The next time you’re in the Los Alamos County Municipal Building, be sure to check out the new exhibit from the Los Alamos History Museum, “Women, Science, and Project Y.”
 
Ever wonder how women contributed to the scientific and technical work of the Manhattan Project in Los Alamos? Visit this exhibit to learn about some of the remarkable women who worked for the project in a diversity of fields, working as researchers, computers, explosives experts, and more.
 
At the end of the war, about 11 percent of Los Alamos’ workforce were women. Most of these around 640 women were civilians, but around a third were soldiers in the Women’s Army Corps. We don’t know what jobs over a third of the women working in Los Alamos held (perhaps an indication of how women’s work was often underappreciated at the time). Of those women whose jobs we know, most worked in science and technology: more than 150 women contributed to the Manhattan Project in Los Alamos in STEM fields.
 
Many of these women held jobs that they may not have had access to during peacetime.
 
Prejudices in education and hiring prevented capable women from having access to opportunities that their male colleagues enjoyed. But the urgency and enormous scale of the wartime work of the Manhattan Project demanded that many skilled positions had to be filled, and quickly. Women were hired for jobs they may not have been considered for before the war.
 
For some of these women, their Manhattan Project experience opened doors to post-war careers that may not have been available to them otherwise. The work these women did at Los Alamos changed the course of the war—and the course of their lives.
 
“Women, Science, and Project Y” highlights six women who worked in science and technology at the wartime Los Alamos laboratory. Their stories capture just some of the diversity of experiences women brought to their Manhattan Project work. Frances Dunne was an aircraft mechanic and explosives supervisor.
 
Mary Frankel was a mathematician, computer, and programmer. Jane Hall was a Manhattan Project physicist and influential leader. Jane Heydorn was a Manhattan Project WAC who went on to a career at Los Alamos. Floy Agnes Lee is a Santa Clara biologist who worked as a hematologist for the Manhattan Project. Maria Goeppert Mayer went on to become the second of two women recognized with the Nobel Prize in Physics.
 
These women came from New Mexico and from across the world to contribute to the Manhattan Project in fields from biology to physics to computing as technicians, researchers, and leaders.
 
Visit the “Women, Science, and Project Y” exhibit in the Municipal Building to learn more! Who was probably the only woman to operate a fast neutron reactor?
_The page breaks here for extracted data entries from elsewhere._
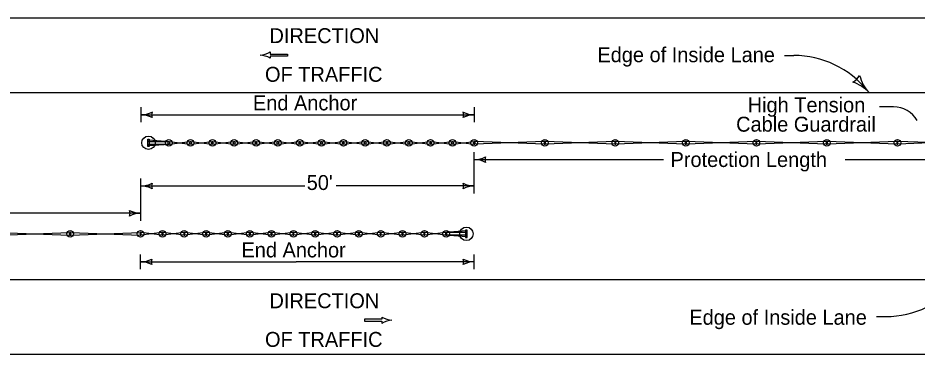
# Model space of a CAD drawing. Extents: x 10133 to 81668, y 7924 to 11018.
# Drawn here: x 10688 to 11411, y 8927 to 9197 of the extents above; entities that cross this region are included whole.
import ezdxf

# ---------------------------------------------------------------- set-up
doc = ezdxf.new("R2010")
doc.units = 0
for name, color, linetype in [('dsnCellElements', 7, 'Continuous'), ('DsnShtRevisedText', 7, 'Continuous'), ('dsnStdDimension', 7, 'Continuous')]:
    doc.layers.add(name, color=color, linetype=linetype)

msp = doc.modelspace()

# ---------------------------------------------------------------- linework, layer by layer
at = {"layer": 'dsnCellElements'}
for p, q in [((10793.26, 9099.32), (10810.02, 9098.13)), ((10793.26, 9098.13), (10809.09, 9098.13)), ((10793.26, 9095.88), (10809.09, 9095.88)), ((10793.26, 9094.7), (10810.02, 9095.88)), ((10810.02, 9095.88), (10826.6, 9098.14)), ((10810.02, 9098.13), (10826.6, 9095.89)), ((10827.54, 9098.14), (10844.17, 9095.88)), ((10827.54, 9095.89), (10844.17, 9098.13)), ((10845.12, 9095.88), (10861.7, 9098.14)), ((10845.12, 9098.13), (10861.7, 9095.89)), ((10862.64, 9098.14), (10879.27, 9095.88)), ((10862.64, 9095.89), (10879.27, 9098.13)), ((10880.22, 9095.88), (10896.8, 9098.14)), ((10880.22, 9098.13), (10896.8, 9095.89)), ((10897.74, 9098.14), (10914.37, 9095.88)), ((10897.74, 9095.89), (10914.37, 9098.13)), ((10915.31, 9095.88), (10931.89, 9098.14)), ((10915.31, 9098.13), (10931.89, 9095.89)), ((10932.83, 9098.14), (10949.46, 9095.88)), ((10932.83, 9095.89), (10949.46, 9098.14)), ((10950.4, 9098.14), (10966.98, 9095.89)), ((10950.4, 9095.88), (10966.98, 9098.14)), ((10967.92, 9098.14), (10984.55, 9095.89)), ((10967.92, 9095.89), (10984.55, 9098.14)), ((10985.49, 9098.14), (11002.07, 9095.89)), ((10985.49, 9095.89), (11002.07, 9098.14)), ((11003.01, 9098.14), (11019.64, 9095.89)), ((11003.01, 9095.89), (11019.64, 9098.14)), ((11020.58, 9098.14), (11037.16, 9095.89)), ((11020.58, 9095.89), (11037.16, 9098.14)), ((11038.1, 9098.14), (11054.73, 9095.89)), ((11038.1, 9095.89), (11054.73, 9098.14)), ((11111.43, 9098.14), (11055.67, 9095.89)), ((11111.43, 9095.89), (11055.67, 9098.14)), ((11168.14, 9098.14), (11112.37, 9095.89)), ((11168.14, 9095.89), (11112.37, 9098.14)), ((11224.84, 9098.14), (11169.08, 9095.89)), ((11224.84, 9095.89), (11169.08, 9098.14)), ((11281.54, 9098.14), (11225.78, 9095.89)), ((11281.54, 9095.89), (11225.78, 9098.14)), ((11338.24, 9098.14), (11282.48, 9095.89)), ((11338.24, 9095.89), (11282.48, 9098.14)), ((11394.94, 9098.14), (11339.18, 9095.89)), ((11394.94, 9095.89), (11339.18, 9098.14)), ((11451.64, 9098.14), (11395.88, 9095.89)), ((11451.64, 9095.89), (11395.88, 9098.14)), ((10674, 9022.69), (10729.76, 9024.94)), ((10674, 9024.94), (10729.76, 9022.69)), ((10730.7, 9022.69), (10786.46, 9024.94)), ((10730.7, 9024.94), (10786.46, 9022.69)), ((10804.03, 9024.94), (10787.4, 9022.69)), ((10804.03, 9022.69), (10787.4, 9024.94)), ((10821.55, 9024.94), (10804.97, 9022.69)), ((10821.55, 9022.69), (10804.97, 9024.94)), ((10839.12, 9024.94), (10822.49, 9022.69)), ((10839.12, 9022.69), (10822.49, 9024.94)), ((10856.64, 9024.94), (10840.06, 9022.69)), ((10856.64, 9022.69), (10840.06, 9024.94)), ((10874.21, 9024.94), (10857.58, 9022.69)), ((10874.21, 9022.69), (10857.58, 9024.94)), ((10891.73, 9024.94), (10875.15, 9022.69)), ((10891.73, 9022.69), (10875.15, 9024.94)), ((10909.3, 9024.94), (10892.67, 9022.69)), ((10909.3, 9022.69), (10892.67, 9024.94)), ((10926.82, 9022.69), (10910.24, 9024.94)), ((10926.82, 9024.94), (10910.24, 9022.69)), ((10944.39, 9024.94), (10927.76, 9022.69)), ((10944.39, 9022.69), (10927.76, 9024.94)), ((10961.91, 9024.94), (10945.33, 9022.69)), ((10961.91, 9022.69), (10945.33, 9024.94)), ((10979.49, 9024.94), (10962.86, 9022.69)), ((10979.49, 9022.69), (10962.86, 9024.94)), ((10997.02, 9024.94), (10980.43, 9022.69)), ((10997.02, 9022.69), (10980.43, 9024.94)), ((11014.6, 9024.94), (10997.96, 9022.69)), ((11014.6, 9022.69), (10997.96, 9024.94)), ((11032.12, 9024.94), (11015.53, 9022.69)), ((11032.12, 9022.69), (11015.53, 9024.94)), ((11048.88, 9026.12), (11032.12, 9024.94)), ((11048.88, 9021.51), (11032.12, 9022.69)), ((11048.88, 9024.94), (11033.05, 9024.94)), ((11048.88, 9022.69), (11033.05, 9022.69))]:
    msp.add_line(p, q, dxfattribs=at)
for points in [[(10792.65, 9094.01), (10792.65, 9100.02), (10793.87, 9100.02), (10793.87, 9094.01)], [(10809.08, 9095.88), (10809.08, 9098.13), (10810.02, 9098.13), (10810.02, 9095.88)], [(10826.6, 9095.89), (10826.6, 9098.14), (10827.54, 9098.14), (10827.54, 9095.89)], [(10844.18, 9095.88), (10844.18, 9098.13), (10845.12, 9098.13), (10845.12, 9095.88)], [(10861.7, 9095.89), (10861.7, 9098.14), (10862.64, 9098.14), (10862.64, 9095.89)], [(10879.28, 9095.88), (10879.28, 9098.13), (10880.22, 9098.13), (10880.22, 9095.88)], [(10896.8, 9095.89), (10896.8, 9098.14), (10897.74, 9098.14), (10897.74, 9095.89)], [(10914.37, 9095.88), (10914.37, 9098.13), (10915.31, 9098.13), (10915.31, 9095.88)], [(10931.89, 9095.89), (10931.89, 9098.14), (10932.83, 9098.14), (10932.83, 9095.89)], [(10949.46, 9095.88), (10949.46, 9098.14), (10950.4, 9098.14), (10950.4, 9095.88)], [(10966.98, 9095.89), (10966.98, 9098.14), (10967.92, 9098.14), (10967.92, 9095.89)], [(10984.55, 9095.89), (10984.55, 9098.14), (10985.49, 9098.14), (10985.49, 9095.89)], [(11002.07, 9095.89), (11002.07, 9098.14), (11003.01, 9098.14), (11003.01, 9095.89)], [(11019.64, 9095.89), (11019.64, 9098.14), (11020.58, 9098.14), (11020.58, 9095.89)], [(11037.16, 9095.89), (11037.16, 9098.14), (11038.1, 9098.14), (11038.1, 9095.89)], [(11055.67, 9095.89), (11055.67, 9098.14), (11054.73, 9098.14), (11054.73, 9095.89)], [(11054.73, 9095.89), (11054.73, 9098.14), (11055.67, 9098.14), (11055.67, 9095.89)], [(11112.37, 9095.89), (11112.37, 9098.14), (11111.43, 9098.14), (11111.43, 9095.89)], [(11112.37, 9095.89), (11112.37, 9098.14), (11111.43, 9098.14), (11111.43, 9095.89)], [(11169.08, 9095.89), (11169.08, 9098.14), (11168.14, 9098.14), (11168.14, 9095.89)], [(11169.08, 9095.89), (11169.08, 9098.14), (11168.14, 9098.14), (11168.14, 9095.89)], [(11225.78, 9095.89), (11225.78, 9098.14), (11224.84, 9098.14), (11224.84, 9095.89)], [(11225.78, 9095.89), (11225.78, 9098.14), (11224.84, 9098.14), (11224.84, 9095.89)], [(11282.48, 9095.89), (11282.48, 9098.14), (11281.54, 9098.14), (11281.54, 9095.89)], [(11282.48, 9095.89), (11282.48, 9098.14), (11281.54, 9098.14), (11281.54, 9095.89)], [(11339.18, 9095.89), (11339.18, 9098.14), (11338.24, 9098.14), (11338.24, 9095.89)], [(11339.18, 9095.89), (11339.18, 9098.14), (11338.24, 9098.14), (11338.24, 9095.89)], [(11395.88, 9095.89), (11395.88, 9098.14), (11394.94, 9098.14), (11394.94, 9095.89)], [(11395.88, 9095.89), (11395.88, 9098.14), (11394.94, 9098.14), (11394.94, 9095.89)], [(10729.76, 9024.94), (10729.76, 9022.69), (10730.7, 9022.69), (10730.7, 9024.94)], [(10729.76, 9024.94), (10729.76, 9022.69), (10730.7, 9022.69), (10730.7, 9024.94)], [(10786.46, 9024.94), (10786.46, 9022.69), (10787.4, 9022.69), (10787.4, 9024.94)], [(10787.4, 9022.69), (10787.4, 9024.94), (10786.46, 9024.94), (10786.46, 9022.69)], [(10804.97, 9022.69), (10804.97, 9024.94), (10804.03, 9024.94), (10804.03, 9022.69)], [(10822.49, 9022.69), (10822.49, 9024.94), (10821.55, 9024.94), (10821.55, 9022.69)], [(10840.06, 9022.69), (10840.06, 9024.94), (10839.12, 9024.94), (10839.12, 9022.69)], [(10857.58, 9022.69), (10857.58, 9024.94), (10856.64, 9024.94), (10856.64, 9022.69)], [(10875.15, 9022.69), (10875.15, 9024.94), (10874.21, 9024.94), (10874.21, 9022.69)], [(10892.67, 9022.69), (10892.67, 9024.94), (10891.73, 9024.94), (10891.73, 9022.69)], [(10910.24, 9022.69), (10910.24, 9024.94), (10909.3, 9024.94), (10909.3, 9022.69)], [(10927.76, 9022.69), (10927.76, 9024.94), (10926.82, 9024.94), (10926.82, 9022.69)], [(10945.33, 9022.69), (10945.33, 9024.94), (10944.39, 9024.94), (10944.39, 9022.69)], [(10962.85, 9022.69), (10962.85, 9024.94), (10961.91, 9024.94), (10961.91, 9022.69)], [(10980.43, 9022.69), (10980.43, 9024.94), (10979.49, 9024.94), (10979.49, 9022.69)], [(10997.95, 9022.69), (10997.95, 9024.94), (10997.02, 9024.94), (10997.02, 9022.69)], [(11015.53, 9022.69), (11015.53, 9024.94), (11014.6, 9024.94), (11014.6, 9022.69)], [(11033.05, 9022.69), (11033.05, 9024.94), (11032.12, 9024.94), (11032.12, 9022.69)], [(11049.48, 9020.81), (11049.48, 9026.82), (11048.27, 9026.82), (11048.27, 9020.81)]]:
    msp.add_lwpolyline(points, close=True, dxfattribs=at)
for centre, radius in [((10793.26, 9097.01), 5.4), ((10809.55, 9097.01), 2.66), ((10827.07, 9097.01), 2.66), ((10844.65, 9097.01), 2.66), ((10862.17, 9097.01), 2.66), ((10879.75, 9097.01), 2.66), ((10897.27, 9097.01), 2.66), ((10914.84, 9097.01), 2.66), ((10932.36, 9097.01), 2.66), ((10949.93, 9097.01), 2.66), ((10967.45, 9097.01), 2.66), ((10985.02, 9097.01), 2.66), ((11002.54, 9097.01), 2.66), ((11020.11, 9097.01), 2.66), ((11037.63, 9097.01), 2.66), ((11055.2, 9097.01), 2.66), ((11055.2, 9097.01), 2.66), ((11111.9, 9097.01), 2.66), ((11111.9, 9097.01), 2.66), ((11168.61, 9097.01), 2.66), ((11168.61, 9097.01), 2.66), ((11225.31, 9097.01), 2.66), ((11225.31, 9097.01), 2.66), ((11282.01, 9097.01), 2.66), ((11282.01, 9097.01), 2.66), ((11338.71, 9097.01), 2.66), ((11338.71, 9097.01), 2.66), ((11395.41, 9097.01), 2.66), ((11395.41, 9097.01), 2.66), ((11048.88, 9023.82), 5.4), ((10730.23, 9023.82), 2.66), ((10730.23, 9023.82), 2.66), ((10786.93, 9023.82), 2.66), ((10786.93, 9023.82), 2.66), ((10804.5, 9023.82), 2.66), ((10822.02, 9023.82), 2.66), ((10839.59, 9023.82), 2.66), ((10857.11, 9023.82), 2.66), ((10874.68, 9023.82), 2.66), ((10892.2, 9023.82), 2.66), ((10909.77, 9023.82), 2.66), ((10927.29, 9023.82), 2.66), ((10944.86, 9023.82), 2.66), ((10962.38, 9023.82), 2.66), ((10979.96, 9023.82), 2.66), ((10997.48, 9023.82), 2.66), ((11015.06, 9023.82), 2.66), ((11032.59, 9023.82), 2.66)]:
    msp.add_circle(centre, radius, dxfattribs=at)
at = {"layer": 'DsnShtRevisedText'}
for p, q in [((10882.95, 9167.45), (10882.95, 9167.45)), ((10891.05, 9169.99), (10891.05, 9168.21)), ((10891.05, 9168.21), (10905.02, 9168.21)), ((10905.02, 9166.69), (10891.05, 9166.69)), ((10891.05, 9166.69), (10891.05, 9164.91)), ((10905.02, 9168.21), (10905.02, 9166.69)), ((11304.72, 9167.13), (11312.16, 9167.13)), ((10787.1, 9125.49), (10787.1, 9113.49)), ((11055.2, 9125.49), (11055.2, 9113.49)), ((11392.4, 9125.82), (11381.15, 9125.82)), ((10787.1, 9119.49), (11055.2, 9119.49)), ((11055.2, 9056.27), (11055.2, 9089.49)), ((11055.2, 9083.49), (11207.39, 9083.49)), ((11353.36, 9083.49), (11471.89, 9083.49)), ((10787.1, 9034.37), (10787.1, 9068.27)), ((10787.1, 9062.27), (10919.01, 9062.27)), ((11055.2, 9062.27), (10944.03, 9062.27)), ((10787.1, 9040.37), (10572.76, 9040.37)), ((10786.93, 8995.34), (10786.93, 9007.34)), ((11055.2, 8995.34), (11055.2, 9007.34)), ((10786.93, 9001.34), (10911.91, 9001.34)), ((11055.2, 9001.34), (10911.91, 9001.34)), ((10980.89, 8956.98), (10980.89, 8955.2)), ((11378.63, 8957.41), (11386.08, 8957.41)), ((10980.89, 8955.2), (10966.93, 8955.2)), ((10966.93, 8955.2), (10966.93, 8953.68)), ((10966.93, 8953.68), (10980.89, 8953.68)), ((10980.89, 8953.68), (10980.89, 8951.9)), ((10988.99, 8954.44), (10988.99, 8954.44))]:
    msp.add_line(p, q, dxfattribs=at)
for centre, radius, start, end in [((10882.28, 9183.81), 16.37, 272.35199, 302.38203), ((10882.28, 9151.09), 16.37, 57.61797, 87.64801), ((11312.16, 9090.94), 76.18, 39.01063, 90), ((11354.17, 9157.13), 12.51, 295.26394, 330.73064), ((11349, 9115.19), 32.38, 42.99729, 71.06977), ((11396.36, 9159.35), 32.38, 194.9248, 222.99729), ((11392.4, 9104.06), 21.76, 30.22434, 90), ((10787.1, 9138.61), 19.13, 270, 298.07249), ((10787.1, 9100.36), 19.13, 61.92751, 90), ((10803.13, 9119.49), 7.39, 162.26665, 197.73335), ((11039.17, 9119.49), 7.39, 342.26665, 17.73335), ((11055.2, 9138.61), 19.13, 241.92751, 270), ((11055.2, 9100.36), 19.13, 90, 118.07249), ((11055.2, 9102.61), 19.13, 270, 298.07249), ((11055.2, 9064.36), 19.13, 61.92751, 90), ((11071.24, 9083.49), 7.39, 162.26665, 197.73335), ((10787.1, 9081.39), 19.13, 270, 298.07249), ((10787.1, 9043.14), 19.13, 61.92751, 90), ((10803.13, 9062.27), 7.39, 162.26665, 197.73335), ((11039.17, 9062.27), 7.39, 342.26665, 17.73335), ((11055.2, 9081.39), 19.13, 241.92751, 270), ((11055.2, 9043.14), 19.13, 90, 118.07249), ((10771.06, 9040.37), 7.39, 342.26665, 17.73335), ((10787.1, 9059.5), 19.13, 241.92751, 270), ((10787.1, 9021.25), 19.13, 90, 118.07249), ((10786.93, 9020.47), 19.13, 270, 298.07249), ((10786.93, 8982.22), 19.13, 61.92751, 90), ((10802.97, 9001.34), 7.39, 162.26665, 197.73335), ((11039.17, 9001.34), 7.39, 342.26665, 17.73335), ((11055.2, 9020.47), 19.13, 241.92751, 270), ((11055.2, 8982.22), 19.13, 90, 118.07249), ((11386.08, 9033.59), 76.18, 270, 320.98937), ((10989.66, 8970.8), 16.37, 237.61797, 267.64801), ((10989.66, 8938.08), 16.37, 92.35199, 122.38203)]:
    msp.add_arc(centre, radius, start, end, dxfattribs=at)
at = {"layer": 'dsnStdDimension'}
for p, q in [((10362.19, 9197.27), (11477.85, 9197.27)), ((10362.19, 9137.27), (11477.85, 9137.27)), ((10362.19, 8987.27), (11477.85, 8987.27)), ((10362.19, 8927.27), (11477.85, 8927.27))]:
    msp.add_line(p, q, dxfattribs=at)

# ---------------------------------------------------------------- texts
at = {"layer": 'DsnShtRevisedText'}
for s, p in [('DIRECTION', (10890.54, 9177.07)), ('Edge of Inside Lane', (11154.21, 9161.77)), ('OF TRAFFIC', (10886.94, 9146.01)), ('End Anchor', (10877.24, 9123.05)), ('High Tension', (11275.05, 9121.46)), ('Cable Guardrail', (11265.76, 9105.93)), ('Protection Length', (11213, 9077.54)), ("50'", (10920.44, 9059.07)), ('End Anchor', (10868, 9004.9)), ('DIRECTION', (10890.54, 8964.06)), ('Edge of Inside Lane', (11228.13, 8950.77)), ('OF TRAFFIC', (10886.94, 8933))]:
    msp.add_text(s, height=12, dxfattribs=at).set_placement(p)

doc.saveas('drawing.dxf')

What ground-breaking computer did Mary Frankel program for after the war? Who turned down an invitation to chair the Atomic Energy Commission?
 
Find out the answers to these questions and more. The exhibit case is on the right as you enter the building, and the museum updates it twice a year with new exhibits. The exhibit will be on display through June.
 
The Los Alamos Historical Society preserves, promotes, and communicates the remarkable history and inspiring stories of Los Alamos and its people for our community, for the global audience, and for future generations. Find out more at losalamoshistory.org and by following @LosAlamosHistory on facebook.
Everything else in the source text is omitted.